# Illustration of xQTL protocol

This notebook illustrates the computational protocols available from this repository for the detection and analysis of molecular QTLs (xQTLs). A minimal toy data-set consisting of 49 de-identified samples are used for the analysis.

## Analysis

Please visit [the homepage of the protocol website](https://cumc.github.io/xqtl-pipeline/) for the general background on this resource, in particular the [Getting Started](https://cumc.github.io/xqtl-pipeline/README.html#getting-started) section. To perform a complete analysis from molecular phenotype quantification to xQTL discovery, please conduct your analysis in the order listed below, each link contains a mini-protocol for a specific task.

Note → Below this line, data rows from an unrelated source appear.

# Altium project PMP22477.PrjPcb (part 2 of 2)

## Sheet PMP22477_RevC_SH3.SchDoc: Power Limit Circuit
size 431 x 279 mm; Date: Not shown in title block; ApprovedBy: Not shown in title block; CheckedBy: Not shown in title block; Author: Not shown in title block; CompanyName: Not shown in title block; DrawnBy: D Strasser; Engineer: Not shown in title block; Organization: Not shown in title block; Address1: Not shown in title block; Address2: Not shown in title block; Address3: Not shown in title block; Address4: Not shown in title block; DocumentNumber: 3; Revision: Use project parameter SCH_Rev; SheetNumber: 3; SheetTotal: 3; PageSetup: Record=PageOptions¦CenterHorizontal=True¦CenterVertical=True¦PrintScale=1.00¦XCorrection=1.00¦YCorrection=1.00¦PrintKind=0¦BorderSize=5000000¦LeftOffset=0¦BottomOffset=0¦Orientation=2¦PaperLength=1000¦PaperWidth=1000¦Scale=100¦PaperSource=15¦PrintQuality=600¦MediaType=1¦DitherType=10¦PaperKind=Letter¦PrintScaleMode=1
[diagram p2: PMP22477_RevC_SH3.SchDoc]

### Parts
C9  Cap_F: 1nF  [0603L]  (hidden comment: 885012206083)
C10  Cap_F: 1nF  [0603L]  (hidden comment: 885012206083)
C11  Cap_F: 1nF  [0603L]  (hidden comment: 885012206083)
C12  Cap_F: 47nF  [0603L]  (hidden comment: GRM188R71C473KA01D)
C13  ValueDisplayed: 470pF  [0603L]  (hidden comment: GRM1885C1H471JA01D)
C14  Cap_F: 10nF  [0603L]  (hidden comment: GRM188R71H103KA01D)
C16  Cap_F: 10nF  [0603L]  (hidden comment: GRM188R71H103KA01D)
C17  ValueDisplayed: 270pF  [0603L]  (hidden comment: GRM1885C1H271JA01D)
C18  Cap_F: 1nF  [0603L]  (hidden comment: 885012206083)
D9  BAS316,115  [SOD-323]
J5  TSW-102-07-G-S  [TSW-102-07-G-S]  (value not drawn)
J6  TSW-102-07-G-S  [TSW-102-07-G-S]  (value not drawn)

All commands documented in each mini-protocol should be executed in the command line environment.

### Bulk RNA-seq molecular phenotype quantification

1. [Reference data munging & QC](https://cumc.github.io/xqtl-pipeline/code/data_preprocessing/reference_data.html)
2. [Quantification of gene expression](https://cumc.github.io/xqtl-pipeline/code/molecular_phenotypes/bulk_expression.html)
3. [Quantification of alternative splicing events](https://cumc.github.io/xqtl-pipeline/code/molecular_phenotypes/splicing.html)
4. [Quantification of DNA methylation](https://cumc.github.io/xqtl-pipeline/code/molecular_phenotypes/calling/methylation_calling.html)

### xQTL association analysis

1. [Phenotype data munging & QC](https://cumc.github.io/xqtl-pipeline/code/data_preprocessing/phenotype_preprocessing.html)
2. [Genotype data munging & QC](https://cumc.github.io/xqtl-pipeline/code/data_preprocessing/genotype_preprocessing.html)
3. [Covariates data munging & QC](https://cumc.github.io/xqtl-pipeline/code/data_preprocessing/covariate_preprocessing.html)
4. [cis-QTL association testing](https://cumc.github.io/xqtl-pipeline/code/association_scan/cisQTL_scan.html)
5. [trans-QTL association testing](https://cumc.github.io/xqtl-pipeline/code/association_scan/transQTL_scan.html)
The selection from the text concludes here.